§ Dataset items
┄┄┄┄┄┄┄┄┄┄

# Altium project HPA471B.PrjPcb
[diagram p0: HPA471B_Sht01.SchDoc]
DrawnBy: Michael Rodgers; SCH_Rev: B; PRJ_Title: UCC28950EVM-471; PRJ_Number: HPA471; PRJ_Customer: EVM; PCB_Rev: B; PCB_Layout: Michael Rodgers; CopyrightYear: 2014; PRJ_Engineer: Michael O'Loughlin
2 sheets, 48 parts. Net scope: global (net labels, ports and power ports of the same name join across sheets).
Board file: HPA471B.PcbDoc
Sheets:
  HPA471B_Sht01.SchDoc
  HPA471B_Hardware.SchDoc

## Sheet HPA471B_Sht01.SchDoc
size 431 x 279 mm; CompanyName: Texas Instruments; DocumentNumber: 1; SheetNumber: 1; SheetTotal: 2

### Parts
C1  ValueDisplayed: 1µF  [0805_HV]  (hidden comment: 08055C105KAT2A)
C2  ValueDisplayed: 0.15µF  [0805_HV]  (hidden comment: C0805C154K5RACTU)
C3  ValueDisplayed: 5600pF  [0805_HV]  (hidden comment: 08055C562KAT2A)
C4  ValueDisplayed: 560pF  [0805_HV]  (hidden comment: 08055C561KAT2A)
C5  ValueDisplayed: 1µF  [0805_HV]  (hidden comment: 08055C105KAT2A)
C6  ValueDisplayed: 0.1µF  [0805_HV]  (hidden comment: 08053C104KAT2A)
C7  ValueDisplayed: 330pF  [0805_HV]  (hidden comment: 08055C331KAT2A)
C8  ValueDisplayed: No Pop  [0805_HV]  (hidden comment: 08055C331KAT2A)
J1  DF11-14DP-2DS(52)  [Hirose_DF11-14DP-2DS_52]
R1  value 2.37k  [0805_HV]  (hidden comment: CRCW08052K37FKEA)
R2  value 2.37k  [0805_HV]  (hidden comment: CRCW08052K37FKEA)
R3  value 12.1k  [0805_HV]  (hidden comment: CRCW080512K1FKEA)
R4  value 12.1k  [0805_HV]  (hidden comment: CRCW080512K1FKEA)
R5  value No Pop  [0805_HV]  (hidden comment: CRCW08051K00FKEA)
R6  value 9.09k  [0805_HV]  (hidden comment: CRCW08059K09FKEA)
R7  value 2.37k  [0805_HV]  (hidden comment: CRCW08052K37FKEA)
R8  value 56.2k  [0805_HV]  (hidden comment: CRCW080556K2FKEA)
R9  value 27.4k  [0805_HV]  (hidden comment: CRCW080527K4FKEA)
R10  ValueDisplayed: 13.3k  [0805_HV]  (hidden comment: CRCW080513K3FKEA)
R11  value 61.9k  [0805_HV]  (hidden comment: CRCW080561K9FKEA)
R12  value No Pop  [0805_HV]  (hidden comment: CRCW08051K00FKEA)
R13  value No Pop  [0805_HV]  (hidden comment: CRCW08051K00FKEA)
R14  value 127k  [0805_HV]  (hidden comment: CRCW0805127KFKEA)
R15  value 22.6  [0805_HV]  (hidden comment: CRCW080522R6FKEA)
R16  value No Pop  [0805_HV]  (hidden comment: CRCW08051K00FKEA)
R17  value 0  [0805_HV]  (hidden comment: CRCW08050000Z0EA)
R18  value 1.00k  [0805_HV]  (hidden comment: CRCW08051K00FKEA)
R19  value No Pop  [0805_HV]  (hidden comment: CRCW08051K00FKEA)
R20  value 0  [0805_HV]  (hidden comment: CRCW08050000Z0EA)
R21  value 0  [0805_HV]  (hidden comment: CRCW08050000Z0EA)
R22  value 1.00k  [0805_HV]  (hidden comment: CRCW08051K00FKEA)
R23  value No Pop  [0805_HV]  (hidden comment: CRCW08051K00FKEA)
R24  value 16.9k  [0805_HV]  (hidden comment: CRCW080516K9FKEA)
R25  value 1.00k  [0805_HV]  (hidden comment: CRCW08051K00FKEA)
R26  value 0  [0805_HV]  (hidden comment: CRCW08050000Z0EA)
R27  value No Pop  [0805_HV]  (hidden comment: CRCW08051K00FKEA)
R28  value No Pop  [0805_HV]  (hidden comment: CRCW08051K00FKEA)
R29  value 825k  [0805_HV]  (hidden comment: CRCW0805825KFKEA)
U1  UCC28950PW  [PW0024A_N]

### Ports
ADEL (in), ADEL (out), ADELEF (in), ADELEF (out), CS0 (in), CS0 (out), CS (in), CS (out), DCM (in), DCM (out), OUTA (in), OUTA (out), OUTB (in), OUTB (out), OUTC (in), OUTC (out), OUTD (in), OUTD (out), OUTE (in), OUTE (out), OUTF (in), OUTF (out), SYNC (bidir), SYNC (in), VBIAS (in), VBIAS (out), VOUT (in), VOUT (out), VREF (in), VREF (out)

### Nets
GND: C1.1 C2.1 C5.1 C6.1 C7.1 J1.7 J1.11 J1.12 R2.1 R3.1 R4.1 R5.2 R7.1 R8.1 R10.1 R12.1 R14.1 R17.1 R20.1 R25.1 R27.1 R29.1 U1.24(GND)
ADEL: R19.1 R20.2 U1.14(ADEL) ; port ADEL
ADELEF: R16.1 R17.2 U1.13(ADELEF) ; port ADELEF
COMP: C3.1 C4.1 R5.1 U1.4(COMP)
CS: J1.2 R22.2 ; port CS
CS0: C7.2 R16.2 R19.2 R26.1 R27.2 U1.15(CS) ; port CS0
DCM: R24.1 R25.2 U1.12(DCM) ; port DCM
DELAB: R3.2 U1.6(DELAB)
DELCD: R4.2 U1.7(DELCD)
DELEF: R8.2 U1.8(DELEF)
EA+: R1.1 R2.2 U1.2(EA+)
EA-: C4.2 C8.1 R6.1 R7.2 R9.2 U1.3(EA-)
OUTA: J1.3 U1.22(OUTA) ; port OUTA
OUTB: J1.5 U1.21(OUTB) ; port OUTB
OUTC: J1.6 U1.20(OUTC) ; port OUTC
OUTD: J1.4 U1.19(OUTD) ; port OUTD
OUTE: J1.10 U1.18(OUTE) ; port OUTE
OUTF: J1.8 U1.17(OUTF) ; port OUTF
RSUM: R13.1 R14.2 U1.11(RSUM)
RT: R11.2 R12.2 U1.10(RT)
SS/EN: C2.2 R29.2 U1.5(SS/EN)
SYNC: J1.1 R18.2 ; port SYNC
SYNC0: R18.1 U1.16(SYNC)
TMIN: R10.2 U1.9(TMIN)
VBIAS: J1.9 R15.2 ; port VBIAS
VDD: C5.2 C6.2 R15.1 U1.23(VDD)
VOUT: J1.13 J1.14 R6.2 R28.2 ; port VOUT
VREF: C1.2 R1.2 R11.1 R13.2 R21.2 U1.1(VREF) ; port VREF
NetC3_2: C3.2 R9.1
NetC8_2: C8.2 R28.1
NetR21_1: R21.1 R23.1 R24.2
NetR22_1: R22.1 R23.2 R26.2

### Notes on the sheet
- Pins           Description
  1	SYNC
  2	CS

┄┄┄┄┄┄┄┄┄┄

§ Task objective
Set down, please, the lines from the line holding "TMIN: R10.2 U1.9(TMIN)" through the final line of the data, exactly and with nothing added.

§ Solution to this task
TMIN: R10.2 U1.9(TMIN)
VBIAS: J1.9 R15.2 ; port VBIAS
VDD: C5.2 C6.2 R15.1 U1.23(VDD)
VOUT: J1.13 J1.14 R6.2 R28.2 ; port VOUT
VREF: C1.2 R1.2 R11.1 R13.2 R21.2 U1.1(VREF) ; port VREF
NetC3_2: C3.2 R9.1
NetC8_2: C8.2 R28.1
NetR21_1: R21.1 R23.1 R24.2
NetR22_1: R22.1 R23.2 R26.2

### Notes on the sheet
- Pins           Description
  1	SYNC
  2	CS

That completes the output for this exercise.